Поэтическая сказка Гоголя была начинена весьма сильным горючим материалом.
Вторая часть «Вечеров на хуторе близ Диканьки» разнообразнее и шире первой по своему содержанию. «Ночь перед Рождеством» и «Заколдованное место», хотя некоторым образом и отличаются от предшествующих повестей, но в сущности примыкают к ним. В двух других повестях второй части мы обнаруживаем уже и нечто принципиально новое.
В повести «Страшная месть» Гоголь обратился к теме национально-освободительной борьбы украинского народа. Правда, исторический сюжет раскрывается в этом произведении отчасти еще в условно-романтическом плане, а события реальной истории причудливо переплетаются с характерными для всего цикла «Вечеров» элементами фольклорной легенды и сказки. И тем не менее обращение молодого писателя к социально-исторической теме имело для него весьма серьезное значение.

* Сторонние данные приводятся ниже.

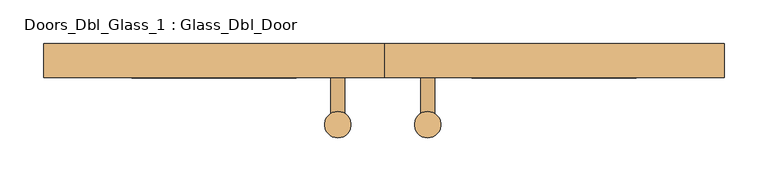
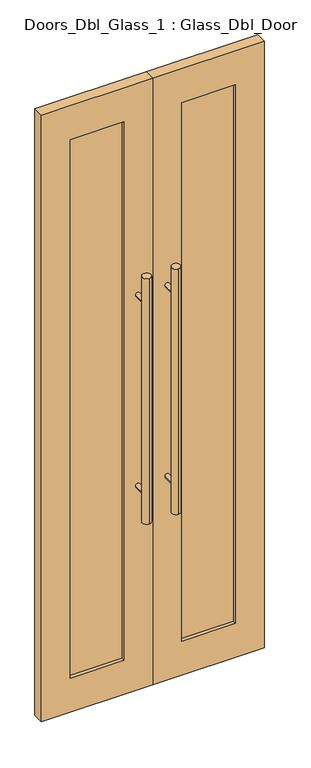
"""IFC4 building model written with IfcOpenShell, lengths in millimetres: door geometry, Doors_Dbl_Glass_1 : Glass_Dbl_Door."""

import ifcopenshell
import ifcopenshell.guid

model = None  # the IFC model being written
_history = None  # IfcOwnerHistory: only IFC2X3 demands one
_inside = {}  # id of a spatial element -> (the spatial element, [elements in it])
_under = {}  # id of a project, library or spatial element -> (it, [spatial elements below it])
_declared = {}  # id of a project -> (the project, [libraries it declares])
_typed = {}  # id of a type object -> (the type object, [elements of that type])
_made_of = {}  # id of a material, layer set ... -> (it, [elements and type objects made of it])


def new_model(schema):
    """Start an empty IFC model of exactly this schema.

    Asked for "IFC4X3", IfcOpenShell would pick the latest addendum, in which some entities
    have other attributes; the version numbers below select the first issue.
    IFC2X3 requires an IfcOwnerHistory on every rooted entity: one is made here for all.
    """
    global model, _history
    if schema == "IFC4X3":
        model = ifcopenshell.file(schema_version=(4, 3, 0, 0))
    else:
        model = ifcopenshell.file(schema=schema)
    _inside.clear()
    _under.clear()
    _declared.clear()
    _typed.clear()
    _made_of.clear()
    _history = None
    if model.schema == "IFC2X3":
        org = make("IfcOrganization", Name="unknown")
        user = make(
            "IfcPersonAndOrganization",
            ThePerson=make("IfcPerson", FamilyName="unknown"),
            TheOrganization=org,
        )
        app = make(
            "IfcApplication",
            ApplicationDeveloper=org,
            Version="unknown",
            ApplicationFullName="unknown",
            ApplicationIdentifier="unknown",
        )
        _history = make(
            "IfcOwnerHistory",
            OwningUser=user,
            OwningApplication=app,
            ChangeAction="ADDED",
            CreationDate=0,
        )
    return model


def make(cls, **values):
    """One entity of the class cls with the attributes given. An attribute that is None is left unset."""
    return model.create_entity(
        cls, **{name: value for name, value in values.items() if value is not None}
    )


def rooted(cls, **values):
    """An entity with a GlobalId (a new one), such as an element, a storey or a relation."""
    return make(cls, GlobalId=ifcopenshell.guid.new(), OwnerHistory=_history, **values)


def si_unit(unit_type, name, prefix=None):
    """IfcSIUnit, for example si_unit("LENGTHUNIT", "METRE", prefix="MILLI")."""
    return make("IfcSIUnit", UnitType=unit_type, Prefix=prefix, Name=name)


def assignment(units):
    """IfcUnitAssignment: the units of a project."""
    return None if units is None else make("IfcUnitAssignment", Units=units)


def point(xyz):
    """IfcCartesianPoint."""
    return None if xyz is None else make("IfcCartesianPoint", Coordinates=xyz)


def direction(xyz):
    """IfcDirection."""
    return None if xyz is None else make("IfcDirection", DirectionRatios=xyz)


def frame(location, z_axis=None, x_axis=None):
    """IfcAxis2Placement3D, a coordinate frame: its origin and axes. An axis left out is left unset."""
    return make(
        "IfcAxis2Placement3D",
        Location=point(location),
        Axis=direction(z_axis),
        RefDirection=direction(x_axis),
    )


def frame_2d(location, x_axis=None):
    """IfcAxis2Placement2D, a coordinate frame in the plane: its origin and x axis."""
    return make(
        "IfcAxis2Placement2D", Location=point(location), RefDirection=direction(x_axis)
    )


def origin():
    """The frame at (0, 0, 0) with its axes left unset."""
    return frame((0.0, 0.0, 0.0))


def place(relative_to, where):
    """IfcLocalPlacement: puts the frame where relative to a parent placement (None: the world)."""
    return make(
        "IfcLocalPlacement", PlacementRelTo=relative_to, RelativePlacement=where
    )


def context(
    kind, dimensions, precision=None, world=None, true_north=None, identifier=None
):
    """IfcGeometricRepresentationContext, for example the 3D "Model" context."""
    return make(
        "IfcGeometricRepresentationContext",
        ContextIdentifier=identifier,
        ContextType=kind,
        CoordinateSpaceDimension=dimensions,
        Precision=precision,
        WorldCoordinateSystem=world,
        TrueNorth=true_north,
    )


def project(units=None, contexts=None):
    """IfcProject with its units and contexts."""
    return rooted(
        "IfcProject",
        Name="project",
        RepresentationContexts=contexts,
        UnitsInContext=assignment(units),
    )


def spatial(cls, under=None, at=None, **own):
    """A site, building, storey or space (cls), placed at a placement, below another one or the project."""
    s = rooted(cls, ObjectPlacement=at, **own)
    if under is not None:
        _under.setdefault(under.id(), (under, []))[1].append(s)
    return s


def polyline(points):
    """IfcPolyline through the points."""
    return make("IfcPolyline", Points=[point(p) for p in points])


def circle_curve(where, radius):
    """IfcCircle in the frame where."""
    return make("IfcCircle", Position=where, Radius=radius)


def trimmed(basis, trim1, trim2, sense, master):
    """IfcTrimmedCurve: the piece of a basis curve between two trims."""
    return make(
        "IfcTrimmedCurve",
        BasisCurve=basis,
        Trim1=trim1,
        Trim2=trim2,
        SenseAgreement=sense,
        MasterRepresentation=master,
    )


def segment(curve, same_sense, transition):
    """IfcCompositeCurveSegment."""
    return make(
        "IfcCompositeCurveSegment",
        Transition=transition,
        SameSense=same_sense,
        ParentCurve=curve,
    )


def composite_curve(segments, self_intersect=None):
    """IfcCompositeCurve: segments joined end to end."""
    return make("IfcCompositeCurve", Segments=segments, SelfIntersect=self_intersect)


def outline(outer, holes=None, kind="AREA"):
    """IfcArbitraryClosedProfileDef: a profile drawn as a closed curve; with holes, ...WithVoids."""
    if holes is None:
        return make("IfcArbitraryClosedProfileDef", ProfileType=kind, OuterCurve=outer)
    return make(
        "IfcArbitraryProfileDefWithVoids",
        ProfileType=kind,
        OuterCurve=outer,
        InnerCurves=holes,
    )


def extrude(swept, where, along, depth):
    """IfcExtrudedAreaSolid: the profile swept, set in the frame where, extruded along a direction by depth."""
    return make(
        "IfcExtrudedAreaSolid",
        SweptArea=swept,
        Position=where,
        ExtrudedDirection=direction(along),
        Depth=depth,
    )


def shape(context_of_items, identifier, shape_type, items):
    """IfcShapeRepresentation: the items that make up one representation, for example the "Body"."""
    return make(
        "IfcShapeRepresentation",
        ContextOfItems=context_of_items,
        RepresentationIdentifier=identifier,
        RepresentationType=shape_type,
        Items=items,
    )


def source(mapping_origin, context_of_items, identifier, shape_type, items):
    """IfcRepresentationMap: a shape defined once, which mapped items show again and again."""
    return make(
        "IfcRepresentationMap",
        MappingOrigin=mapping_origin,
        MappedRepresentation=shape(context_of_items, identifier, shape_type, items),
    )


def transform(
    local_origin,
    x_axis=None,
    y_axis=None,
    z_axis=None,
    scale=None,
    scale2=None,
    scale3=None,
    uniform=True,
):
    """IfcCartesianTransformationOperator3D, or its non-uniform kind. x_axis, y_axis, z_axis: its Axis1, 2, 3."""
    if uniform:
        return make(
            "IfcCartesianTransformationOperator3D",
            Axis1=direction(x_axis),
            Axis2=direction(y_axis),
            LocalOrigin=point(local_origin),
            Scale=scale,
            Axis3=direction(z_axis),
        )
    return make(
        "IfcCartesianTransformationOperator3DnonUniform",
        Axis1=direction(x_axis),
        Axis2=direction(y_axis),
        LocalOrigin=point(local_origin),
        Scale=scale,
        Axis3=direction(z_axis),
        Scale2=scale2,
        Scale3=scale3,
    )


def mapped(mapping_source, mapping_target):
    """IfcMappedItem: shows the shape of a source again, moved by a transform."""
    return make(
        "IfcMappedItem", MappingSource=mapping_source, MappingTarget=mapping_target
    )


def made_of(thing, what):
    """Note that an element or type object is made of a material, layer set ...; save() writes the relation."""
    if what is not None:
        _made_of.setdefault(what.id(), (what, []))[1].append(thing)
    return thing


def element(
    cls,
    number,
    at=None,
    inside=None,
    cuts=None,
    type_object=None,
    material=None,
    context=None,
    identifier="Body",
    shape_type=None,
    held_by="IfcProductDefinitionShape",
    body=None,
    shapes=None,
    **own,
):
    """One element of the class cls, such as IfcWall. Its Tag is "e" and its number.

    at: its placement. inside: the storey or other place that contains it. cuts: it is an
    opening in that element (IfcRelVoidsElement). A single representation is given by context,
    identifier, shape_type and body (its items); several are given by shapes. held_by: the class
    of the entity that holds the representations. save() writes the other relations.
    """
    e = rooted(cls, Tag="e%d" % number, ObjectPlacement=at, **own)
    if body is not None:
        shapes = [shape(context, identifier, shape_type, body)]
    if shapes is not None:
        e.Representation = make(held_by, Representations=shapes)
    if inside is not None:
        _inside.setdefault(inside.id(), (inside, []))[1].append(e)
    if cuts is not None:
        rooted(
            "IfcRelVoidsElement", RelatingBuildingElement=cuts, RelatedOpeningElement=e
        )
    if type_object is not None:
        _typed.setdefault(type_object.id(), (type_object, []))[1].append(e)
    return made_of(e, material)


def aggregate(whole, parts):
    """IfcRelAggregates: a whole, such as a stair, and the parts it consists of."""
    return rooted("IfcRelAggregates", RelatingObject=whole, RelatedObjects=parts)


def save(model, path):
    """Write the relations noted so far, then the file.

    IfcRelAggregates (storeys below a building ...), IfcRelContainedInSpatialStructure (elements
    in a storey), IfcRelDefinesByType, IfcRelAssociatesMaterial and IfcRelDeclares: one each for
    every whole, place, type object, material and project.
    """
    for whole, parts in _under.values():
        aggregate(whole, parts)
    for where, things in _inside.values():
        rooted(
            "IfcRelContainedInSpatialStructure",
            RelatedElements=things,
            RelatingStructure=where,
        )
    for kind, things in _typed.values():
        rooted("IfcRelDefinesByType", RelatedObjects=things, RelatingType=kind)
    for what, things in _made_of.values():
        rooted("IfcRelAssociatesMaterial", RelatedObjects=things, RelatingMaterial=what)
    for by, libraries in _declared.values():
        rooted("IfcRelDeclares", RelatingContext=by, RelatedDefinitions=libraries)
    model.write(path)


def doors_dbl_glass_1_glass_dbl_door_a30122f7(model_context):
    return source(origin(), model_context, "Body", "SweptSolid", [
        extrude(outline(composite_curve([segment(trimmed(circle_curve(frame_2d((49.6069979, -116.0715804)), 15.0), [point((49.6069979, -101.0715804))], [point((49.6069979, -131.0715804))], False, "CARTESIAN"), True, "CONTINUOUS"), segment(trimmed(circle_curve(frame_2d((49.6069979, -116.0715804)), 15.0), [point((49.6069979, -131.0715804))], [point((49.6069979, -101.0715804))], False, "CARTESIAN"), True, "CONTINUOUS")], self_intersect=False)), frame((0.0, 0.0, 650.0), z_axis=(0.0, 0.0, 1.0), x_axis=(1.0, 0.0, 0.0)), (0.0, 0.0, 1.0), 900.0),
        extrude(outline(composite_curve([segment(trimmed(circle_curve(frame_2d((-52.537897, -116.0715804)), 15.0), [point((-52.537897, -101.0715804))], [point((-52.537897, -131.0715804))], False, "CARTESIAN"), True, "CONTINUOUS"), segment(trimmed(circle_curve(frame_2d((-52.537897, -116.0715804)), 15.0), [point((-52.537897, -131.0715804))], [point((-52.537897, -101.0715804))], False, "CARTESIAN"), True, "CONTINUOUS")], self_intersect=False)), frame((0.0, 0.0, 650.0), z_axis=(0.0, 0.0, 1.0), x_axis=(1.0, 0.0, 0.0)), (0.0, 0.0, 1.0), 900.0),
        extrude(outline(composite_curve([segment(trimmed(circle_curve(frame_2d((750.0, 49.6069979)), 8.0), [point((750.0, 57.6069979))], [point((750.0, 41.6069979))], False, "CARTESIAN"), True, "CONTINUOUS"), segment(trimmed(circle_curve(frame_2d((750.0, 49.6069979)), 8.0), [point((750.0, 41.6069979))], [point((750.0, 57.6069979))], False, "CARTESIAN"), True, "CONTINUOUS")], self_intersect=False)), frame((0.0, -116.0715804, 0.0), z_axis=(0.0, 1.0, 0.0), x_axis=(0.0, 0.0, 1.0)), (0.0, 0.0, 1.0), 53.4927248),
        extrude(outline(composite_curve([segment(trimmed(circle_curve(frame_2d((750.0, -52.537897)), 8.0), [point((750.0, -44.537897))], [point((750.0, -60.537897))], False, "CARTESIAN"), True, "CONTINUOUS"), segment(trimmed(circle_curve(frame_2d((750.0, -52.537897)), 8.0), [point((750.0, -60.537897))], [point((750.0, -44.537897))], False, "CARTESIAN"), True, "CONTINUOUS")], self_intersect=False)), frame((0.0, -116.0715804, 0.0), z_axis=(0.0, 1.0, 0.0), x_axis=(0.0, 0.0, 1.0)), (0.0, 0.0, 1.0), 53.4927248),
        extrude(outline(composite_curve([segment(trimmed(circle_curve(frame_2d((1450.0, 49.6069979)), 8.0), [point((1450.0, 57.6069979))], [point((1450.0, 41.6069979))], False, "CARTESIAN"), True, "CONTINUOUS"), segment(trimmed(circle_curve(frame_2d((1450.0, 49.6069979)), 8.0), [point((1450.0, 41.6069979))], [point((1450.0, 57.6069979))], False, "CARTESIAN"), True, "CONTINUOUS")], self_intersect=False)), frame((0.0, -116.0715804, 0.0), z_axis=(0.0, 1.0, 0.0), x_axis=(0.0, 0.0, 1.0)), (0.0, 0.0, 1.0), 53.4927248),
        extrude(outline(composite_curve([segment(trimmed(circle_curve(frame_2d((1450.0, -52.537897)), 8.0), [point((1450.0, -44.537897))], [point((1450.0, -60.537897))], False, "CARTESIAN"), True, "CONTINUOUS"), segment(trimmed(circle_curve(frame_2d((1450.0, -52.537897)), 8.0), [point((1450.0, -60.537897))], [point((1450.0, -44.537897))], False, "CARTESIAN"), True, "CONTINUOUS")], self_intersect=False)), frame((0.0, -116.0715804, 0.0), z_axis=(0.0, 1.0, 0.0), x_axis=(0.0, 0.0, 1.0)), (0.0, 0.0, 1.0), 53.4927248),
        extrude(outline(polyline([(2225.0, -386.7001888), (0.0, -386.7001888), (0.0, 0.0), (2225.0, 0.0), (2225.0, -386.7001888)]), holes=[polyline([(2100.0, -286.7001888), (2100.0, -100.0), (125.0, -100.0), (125.0, -286.7001888), (2100.0, -286.7001888)])]), frame((0.0, -62.5788556, 0.0), z_axis=(0.0, 1.0, 0.0), x_axis=(0.0, 0.0, 1.0)), (0.0, 0.0, 1.0), 38.5435966),
        extrude(outline(polyline([(2225.0, 0.0), (0.0, 0.0), (0.0, 386.7001888), (2225.0, 386.7001888), (2225.0, 0.0)]), holes=[polyline([(2100.0, 100.0), (2100.0, 286.7001888), (125.0, 286.7001888), (125.0, 100.0), (2100.0, 100.0)])]), frame((0.0, -62.5788556, 0.0), z_axis=(0.0, 1.0, 0.0), x_axis=(0.0, 0.0, 1.0)), (0.0, 0.0, 1.0), 38.5435966),
        extrude(outline(polyline([(-100.0, -38.0), (-100.0, -50.0), (-286.7001888, -50.0), (-286.7001888, -38.0), (-100.0, -38.0)])), frame((0.0, 0.0, 125.0), z_axis=(0.0, 0.0, 1.0), x_axis=(1.0, 0.0, 0.0)), (0.0, 0.0, 1.0), 1975.0),
        extrude(outline(polyline([(286.7001888, -38.0), (286.7001888, -50.0), (100.0, -50.0), (100.0, -38.0), (286.7001888, -38.0)])), frame((0.0, 0.0, 125.0), z_axis=(0.0, 0.0, 1.0), x_axis=(1.0, 0.0, 0.0)), (0.0, 0.0, 1.0), 1975.0),
    ])


if __name__ == "__main__":
    model = new_model("IFC4")
    model_context = context("Model", 3, world=origin())
    ifc_project = project(units=[si_unit("LENGTHUNIT", "METRE", prefix="MILLI")], contexts=[model_context])
    site = spatial("IfcSite", under=ifc_project)
    building = spatial("IfcBuilding", under=site)
    placement = place(None, origin())
    doors_dbl_glass_1_glass_dbl_door_shape = doors_dbl_glass_1_glass_dbl_door_a30122f7(model_context)
    element("IfcDoor", 1, ObjectType="Doors_Dbl_Glass_1 : Glass_Dbl_Door", at=placement, inside=building, context=model_context, shape_type="MappedRepresentation", body=[
        mapped(doors_dbl_glass_1_glass_dbl_door_shape, transform((0.0, 0.0, 0.0), x_axis=(1.0, 0.0, 0.0), y_axis=(0.0, 1.0, 0.0), z_axis=(0.0, 0.0, 1.0))),
    ])
    save(model, "model.ifc")

# Revit data of these elements
# Type "Doors_Dbl_Glass_1 : Glass_Dbl_Door"
#   Type Mark = "47"
#   Construction Type Id = "GSP4R"
#   Analytic Construction = "1/8 in Pilkington single glazing"
#   Visual Light Transmittance = 0.9
#   Stile Shutting = 100 mm
#   Stile Hanging = 100 mm
#   Stile - Top Rail = 125 mm
#   Stile - Bottom Rail = 125 mm
#   Solar Heat Gain Coefficient = 0.78
#   Offset = 50 mm
#   Heat Transfer Coefficient (U) = 3.6886 W/(m²·K)
#   Glass Thickness = 12 mm
#   Material Ironmongery = Metal - Aluminum
#   Material Door = Metal - Aluminum
#   Material Glass = Glass
#   Function = (empty or 0)
# Element 1 (IfcDoor, "Doors_Dbl_Glass_1 : Glass_Dbl_Door")
#   Materials on its faces: "Metal - Aluminum", "Glass"
# Materials
#   "Metal - Aluminum": class "Metal", colour RGB 247 247 247, transparency 0
#   "Glass": class "Glass", colour RGB 0 128 192, transparency 0.9, Description = "Soda Lime Glass", Cost = 0

В центре повести — героический образ Данилы Бурульбаша. Это суровый и сильный человек, самоотверженно защищающий казацкую волю от покушающихся на нее польских панов и ксендзов. «Паны веселятся и хвастают, говорят про небывалые дела свои, насмехаются над православьем, зовут народ украинский своими холопьями и важно крутят усы, и важно, задравши головы, разваливаются на лавках. С ними и ксендз вместе» (I, 264). Эти строки, написанные от автора, выражают вместе с тем ту эмоционально-психологическую атмосферу, в которой раскрывается характер Данилы. Он тоскует о минувших походах и сечах во главе с гетманом Конашевичем, принесших славу запорожскому воинству, и гневно осуждает тех своих соотечественников, для кого личное благо выше интересов отчизны: «Порядку нет в Украйне: полковники и есаулы грызутся, как собаки, между собою. Нет старшей головы над всеми. Шляхетство наше все переменило на польский обычай, переняло лукавство… продало душу, принявши унию…» (I, 266).